• **Exercise directions**: Set down the entries below exactly; drop the pictures.

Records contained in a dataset
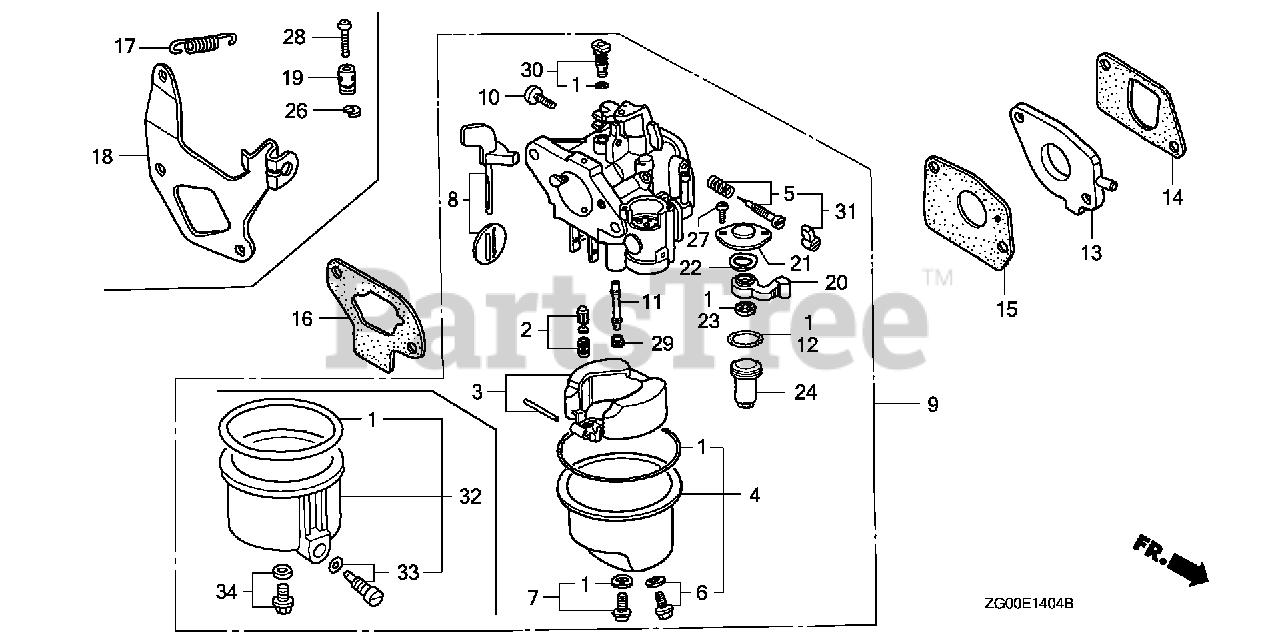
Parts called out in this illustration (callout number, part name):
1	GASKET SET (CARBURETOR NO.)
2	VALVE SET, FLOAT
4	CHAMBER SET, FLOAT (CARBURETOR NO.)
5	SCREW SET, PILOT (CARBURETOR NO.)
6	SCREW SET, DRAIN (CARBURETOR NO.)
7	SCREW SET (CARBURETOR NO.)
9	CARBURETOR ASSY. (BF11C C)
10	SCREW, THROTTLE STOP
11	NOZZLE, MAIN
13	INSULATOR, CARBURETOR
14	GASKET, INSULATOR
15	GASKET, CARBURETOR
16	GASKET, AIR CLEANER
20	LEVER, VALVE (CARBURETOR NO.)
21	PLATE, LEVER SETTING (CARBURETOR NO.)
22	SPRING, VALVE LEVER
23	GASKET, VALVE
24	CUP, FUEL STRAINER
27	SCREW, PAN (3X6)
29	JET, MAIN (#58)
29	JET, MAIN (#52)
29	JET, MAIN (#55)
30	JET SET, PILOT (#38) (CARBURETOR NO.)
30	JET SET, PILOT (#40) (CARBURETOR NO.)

• **Task response**:
Parts called out in this illustration (callout number, part name):
1	GASKET SET (CARBURETOR NO.)
2	VALVE SET, FLOAT
4	CHAMBER SET, FLOAT (CARBURETOR NO.)
5	SCREW SET, PILOT (CARBURETOR NO.)
6	SCREW SET, DRAIN (CARBURETOR NO.)
7	SCREW SET (CARBURETOR NO.)
9	CARBURETOR ASSY. (BF11C C)
10	SCREW, THROTTLE STOP
11	NOZZLE, MAIN
13	INSULATOR, CARBURETOR
14	GASKET, INSULATOR
15	GASKET, CARBURETOR
16	GASKET, AIR CLEANER
20	LEVER, VALVE (CARBURETOR NO.)
21	PLATE, LEVER SETTING (CARBURETOR NO.)
22	SPRING, VALVE LEVER
23	GASKET, VALVE
24	CUP, FUEL STRAINER
27	SCREW, PAN (3X6)
29	JET, MAIN (#58)
29	JET, MAIN (#52)
29	JET, MAIN (#55)
30	JET SET, PILOT (#38) (CARBURETOR NO.)
30	JET SET, PILOT (#40) (CARBURETOR NO.)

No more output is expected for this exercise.